# Goal of the exercise
Lines below that hold the word "臏倰第菁釱" must be copied in full.

** Information provided follows **

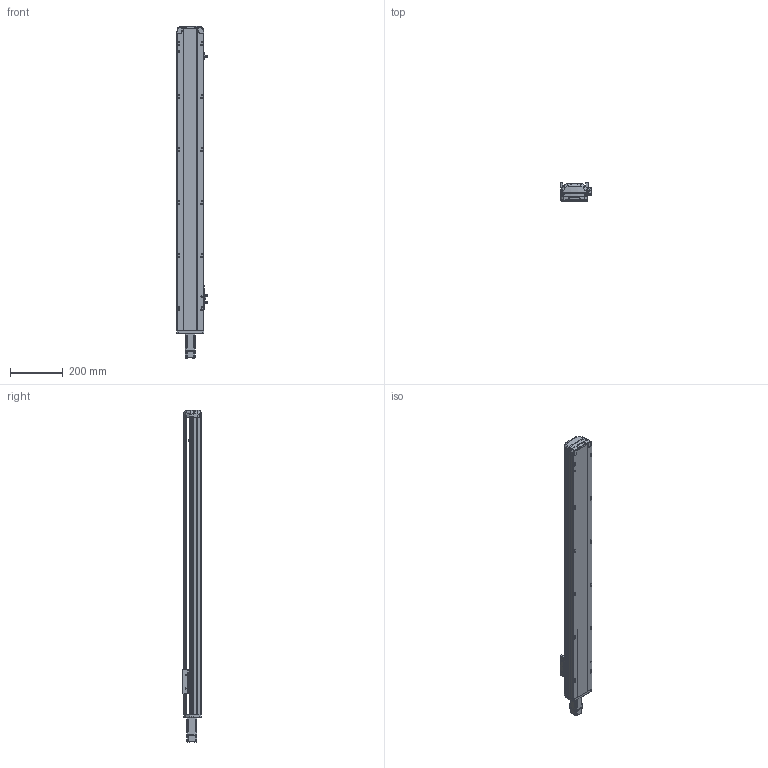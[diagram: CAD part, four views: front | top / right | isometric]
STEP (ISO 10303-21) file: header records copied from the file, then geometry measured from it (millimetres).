
FILE_DESCRIPTION (( 'STEP AP214' ), '1' );
FILE_NAME ('RTH10-XX-900-E-M10-C4.STEP', '2025-10-25T05:27:37', ( 'Microsoft' ), ( 'Microsoft' ), 'SwSTEP 2.0', 'SolidWorks 2018', '' );
FILE_SCHEMA (( 'AUTOMOTIVE_DESIGN' ));
Length unit declared in the file: millimetre
Products named in the file (9): N_RTH12-GY-001P^RTH10-XX-XX-E-M10-C4; N_RTH12-E-008-M10萇儂啣^RTH10-XX-XX-E-M10-C4; N_RTH12-E-007P-奻裔^RTH10-XX-XX-E-M10-C4; N_OMRON EE-SX672 传感器^RTH10-XX-XX-E-M10-C4; RTH10-XX-900-E-M10-C4; N_P10^RTH10-XX-XX-E-M10-C4; N_RTH13-L-012覜茼え俋离^RTH10-XX-XX-E-M10-C4; N_RTH12-GY-004-賑釱^RTH10-XX-XX-E-M10-C4; N_RTH12-E-011P-臏倰第菁釱^RTH10-XX-XX-E-M10-C4
Assembly tree (10 placements, depth 2):
  RTH10-XX-900-E-M10-C4
    N_RTH12-E-011P-臏倰第菁釱^RTH10-XX-XX-E-M10-C4
    N_RTH13-L-012覜茼え俋离^RTH10-XX-XX-E-M10-C4
    N_OMRON EE-SX672 传感器^RTH10-XX-XX-E-M10-C4  x3
    N_P10^RTH10-XX-XX-E-M10-C4
    N_RTH12-E-007P-奻裔^RTH10-XX-XX-E-M10-C4
    N_RTH12-E-008-M10萇儂啣^RTH10-XX-XX-E-M10-C4
    N_RTH12-GY-001P^RTH10-XX-XX-E-M10-C4
    N_RTH12-GY-004-賑釱^RTH10-XX-XX-E-M10-C4
Bounding box: 116.5 x 70 x 1253.34 mm (x, y, z)
Volume: 4558441.5 mm3; surface area: 712530.4 mm2
Topology: 9 solids, 11 shells, 1972 faces, 5497 edges, 3606 vertices
Faces by surface type: plane 976, cylinder 489, bspline 472, cone 33, torus 2
Entity records: 59461 total; most frequent: CARTESIAN_POINT 23474, ORIENTED_EDGE 8074, DIRECTION 6241, EDGE_CURVE 4043, VERTEX_POINT 2650, VECTOR 2127, LINE 2127, AXIS2_PLACEMENT_3D 2057

** End of Information provided **

# Task result
Products named in the file (9): N_RTH12-GY-001P^RTH10-XX-XX-E-M10-C4; N_RTH12-E-008-M10萇儂啣^RTH10-XX-XX-E-M10-C4; N_RTH12-E-007P-奻裔^RTH10-XX-XX-E-M10-C4; N_OMRON EE-SX672 传感器^RTH10-XX-XX-E-M10-C4; RTH10-XX-900-E-M10-C4; N_P10^RTH10-XX-XX-E-M10-C4; N_RTH13-L-012覜茼え俋离^RTH10-XX-XX-E-M10-C4; N_RTH12-GY-004-賑釱^RTH10-XX-XX-E-M10-C4; N_RTH12-E-011P-臏倰第菁釱^RTH10-XX-XX-E-M10-C4
    N_RTH12-E-011P-臏倰第菁釱^RTH10-XX-XX-E-M10-C4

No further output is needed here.